Example 2: Cut and pasting parts of an image

  • This example crops three boxes from an image, creates a new image and pastes the boxes at different locations of this new image.

    import Image
    
    im = Image.open("lego_movie.jpg")
    w,h = im.size
    
    # Crop out three columns from the image
    ## Note: the crop function returns a new image
    part1 = im.crop((0,0,w/3,h))
    part2 = im.crop((w/3,0,2*w/3,h))
    part3 = im.crop((2*w/3,0,w,h))
    
    ## Create a new image
    newim = Image.new("RGB",(w,h))
    ## Paste the image in different order
    ## Note: the paste function changes the image it is applied to
    newim.paste(part3, (0,0))
    newim.paste(part1, (w/3,0))
    newim.paste(part2, (2*w/3,0))
    newim.show()
    
  • Important image methods used:

    • crop — extracts a region of the image given by the upper left and lower right corners represented as a four-tuple
    • paste — overwrites one image with another, starting at the upper left corner.
  • Note that many of the PIL functions actually change the image object we are working with

    • This is an implementation decision made by the designers of PIL, mostly because images are so large and copying is therefore time consuming.

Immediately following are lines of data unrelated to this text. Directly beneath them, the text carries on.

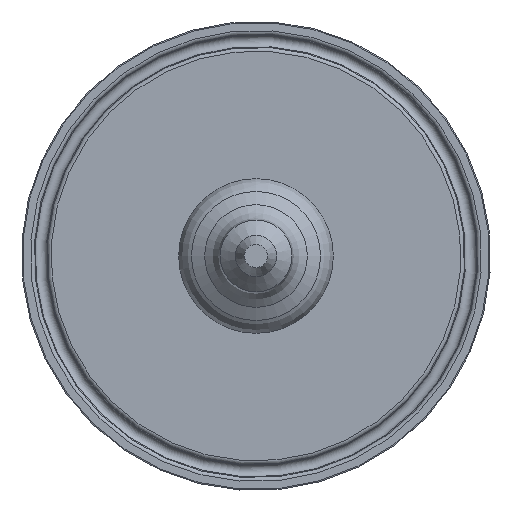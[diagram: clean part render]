
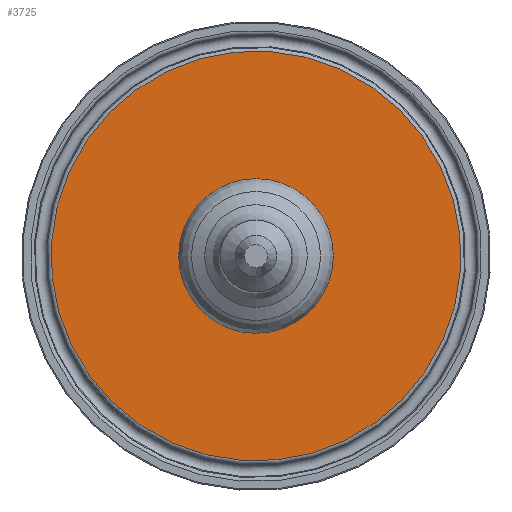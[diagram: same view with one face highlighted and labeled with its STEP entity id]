
A CAD part, left-side view. The second image highlights one B-rep face of the part: STEP entity #3725.
In plain terms, the highlighted planar face has unit normal (-1, 0, 0).
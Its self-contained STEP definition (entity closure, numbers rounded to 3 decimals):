
#566=PLANE('',#3907);
#621=ORIENTED_EDGE('',*,*,#1355,.F.);
#622=ORIENTED_EDGE('',*,*,#1354,.T.);
#1354=EDGE_CURVE('',#1723,#1723,#1985,.T.);
#1355=EDGE_CURVE('',#1724,#1724,#1986,.F.);
#1723=VERTEX_POINT('',#4557);
#1724=VERTEX_POINT('',#4560);
#1985=CIRCLE('',#3906,39.747);
#1986=CIRCLE('',#3908,15.);
#2056=EDGE_LOOP('',(#621));
#2057=EDGE_LOOP('',(#622));
#2289=FACE_BOUND('',#2056,.T.);
#2290=FACE_BOUND('',#2057,.T.);
#3725=ADVANCED_FACE('',(#2289,#2290),#566,.F.);
#3906=AXIS2_PLACEMENT_3D('',#4556,#4090,#4091);
#3907=AXIS2_PLACEMENT_3D('',#4558,#4092,#4093);
#3908=AXIS2_PLACEMENT_3D('',#4559,#4094,#4095);
#4090=DIRECTION('',(-1.,0.,0.));
#4091=DIRECTION('',(0.,-0.409,0.913));
#4092=DIRECTION('',(1.,0.,0.));
#4093=DIRECTION('',(0.,0.409,-0.913));
#4094=DIRECTION('',(1.,0.,0.));
#4095=DIRECTION('',(0.,0.,-1.));
#4556=CARTESIAN_POINT('',(150.,0.,0.));
#4557=CARTESIAN_POINT('',(150.,-16.238,36.279));
#4558=CARTESIAN_POINT('',(150.,-8.119,18.139));
#4559=CARTESIAN_POINT('',(150.,0.,0.));
#4560=CARTESIAN_POINT('',(150.,0.,-15.));
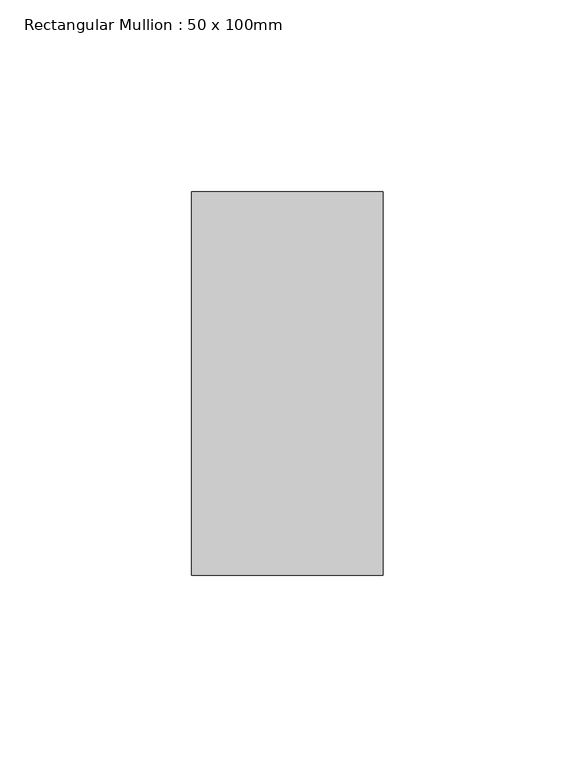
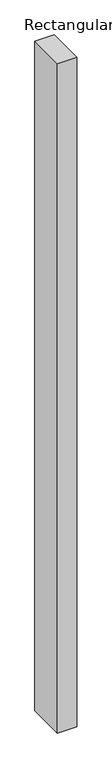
"""IFC4 building model written with IfcOpenShell, lengths in millimetres: member geometry, Rectangular Mullion : 50 x 100mm."""

from ifc_helpers import new_model, si_unit, frame, origin, place, context, project, spatial, polyline, outline, extrude, source, transform, mapped, element, save


def rectangular_mullion_50_x_100mm_6a726e2b(model_context):
    return source(origin(), model_context, "Body", "SweptSolid", [
        extrude(outline(polyline([(0.0, 50.0), (0.0, -50.0), (-50.0, -50.0), (-50.0, 50.0), (0.0, 50.0)])), frame((0.0, 0.0, -1817.1778424), z_axis=(0.0, 0.0, 1.0), x_axis=(1.0, 0.0, 0.0)), (0.0, 0.0, 1.0), 1817.1778424),
    ])


if __name__ == "__main__":
    model = new_model("IFC4")
    model_context = context("Model", 3, world=origin())
    ifc_project = project(units=[si_unit("LENGTHUNIT", "METRE", prefix="MILLI")], contexts=[model_context])
    site = spatial("IfcSite", under=ifc_project)
    building = spatial("IfcBuilding", under=site)
    placement = place(None, origin())
    rectangular_mullion_50_x_100mm_shape = rectangular_mullion_50_x_100mm_6a726e2b(model_context)
    element("IfcMember", 1, ObjectType="Rectangular Mullion : 50 x 100mm", at=placement, inside=building, context=model_context, shape_type="MappedRepresentation", body=[
        mapped(rectangular_mullion_50_x_100mm_shape, transform((0.0, 0.0, 0.0), x_axis=(1.0, 0.0, 0.0), y_axis=(0.0, 1.0, 0.0), z_axis=(0.0, 0.0, 1.0))),
    ])
    save(model, "model.ifc")

Image Examples Are Good Illustrations of Nested For Loops

  • We will start with the problem of converting a color image to gray scale as an example of the use of a double for loop. This is the module rgb2gray.py on the course site.
  • We will modify this to do several things:
    • Flip an image upside down
    • Reflect an image left-right
    • Create a pixellated version of the image

Summary

  • Modules contain a combination of functions, variables, object definitions, and other code, all designed for use in other Python programs and modules

  • After they are imported, the functions in a module can be executed by a call of the form:

    module_name.function_name(arguments)
    
  • PIL provides a set of modules that define the Image object type and associated methods.